ABOUT THIS EXERCISE
Each of the lines from the one that contains "STEP (ISO 10303-21)" to the end of the entries below should be output exactly.
Segment Open
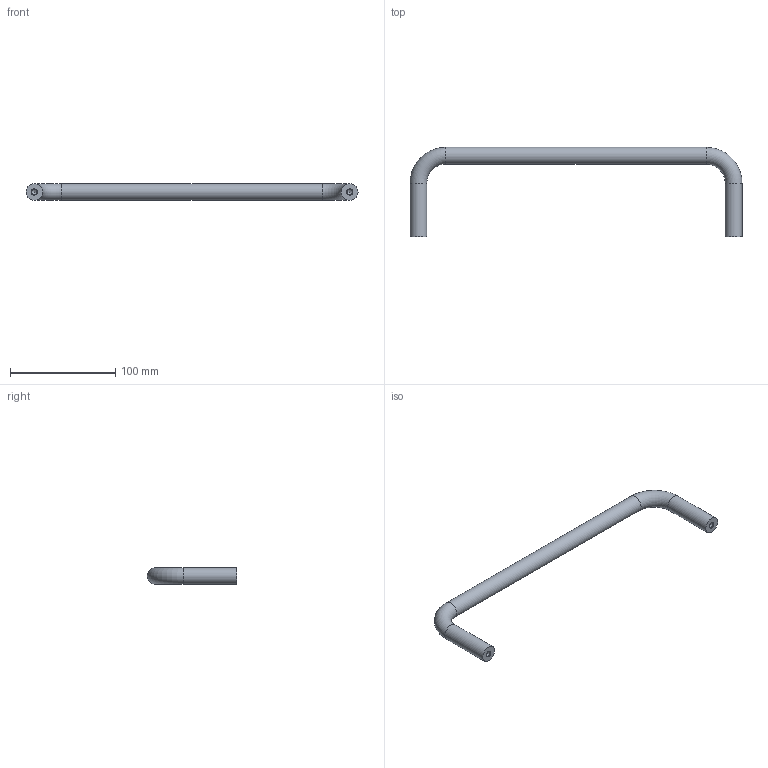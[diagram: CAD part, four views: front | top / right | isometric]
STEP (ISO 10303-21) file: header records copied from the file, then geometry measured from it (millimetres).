
FILE_DESCRIPTION(/* description */ ('STEP AP214'),/* implementation_level */ '2;1');
FILE_NAME(/* name */ 'Cabinet U-Handle_ Stainless Steel GN 435-NI-16-300-85-GS',/* time_stamp */ '2023-12-15T08:44:35+01:00',/* author */ ('License CC BY-ND 4.0'),/* organization */ ('CADENAS'),/* preprocessor_version */ 'ST-DEVELOPER v19.3',/* originating_system */ 'PARTsolutions',/* authorisation */ ' ');
FILE_SCHEMA (('AUTOMOTIVE_DESIGN {1 0 10303 214 3 1 1}'));
Length unit declared in the file: millimetre
Products named in the file (1): Cabinet U-Handle, Stainless Steel GN 435-NI-16-300-85-GS
Bounding box: 316 x 85 x 16 mm (x, y, z)
Volume: 86163.5 mm3; surface area: 22592.4 mm2
Topology: 1 solids, 1 shells, 13 faces, 30 edges, 19 vertices
Faces by surface type: cylinder 5, cone 4, plane 2, torus 2
Full cylindrical faces by diameter (mm): 4.917 x2, 16 x3
Entity records: 292 total; most frequent: DIRECTION 52, CARTESIAN_POINT 40, FACE_BOUND 26, AXIS2_PLACEMENT_3D 26, ORIENTED_EDGE 24, EDGE_LOOP 24, VERTEX_POINT 14, ADVANCED_FACE 13
Segment Closed
TASK SOLUTION
STEP (ISO 10303-21) file: header records copied from the file, then geometry measured from it (millimetres).
FILE_DESCRIPTION(/* description */ ('STEP AP214'),/* implementation_level */ '2;1');
FILE_NAME(/* name */ 'Cabinet U-Handle_ Stainless Steel GN 435-NI-16-300-85-GS',/* time_stamp */ '2023-12-15T08:44:35+01:00',/* author */ ('License CC BY-ND 4.0'),/* organization */ ('CADENAS'),/* preprocessor_version */ 'ST-DEVELOPER v19.3',/* originating_system */ 'PARTsolutions',/* authorisation */ ' ');
FILE_SCHEMA (('AUTOMOTIVE_DESIGN {1 0 10303 214 3 1 1}'));
Length unit declared in the file: millimetre
Products named in the file (1): Cabinet U-Handle, Stainless Steel GN 435-NI-16-300-85-GS
Bounding box: 316 x 85 x 16 mm (x, y, z)
Volume: 86163.5 mm3; surface area: 22592.4 mm2
Topology: 1 solids, 1 shells, 13 faces, 30 edges, 19 vertices
Faces by surface type: cylinder 5, cone 4, plane 2, torus 2
Full cylindrical faces by diameter (mm): 4.917 x2, 16 x3
Entity records: 292 total; most frequent: DIRECTION 52, CARTESIAN_POINT 40, FACE_BOUND 26, AXIS2_PLACEMENT_3D 26, ORIENTED_EDGE 24, EDGE_LOOP 24, VERTEX_POINT 14, ADVANCED_FACE 13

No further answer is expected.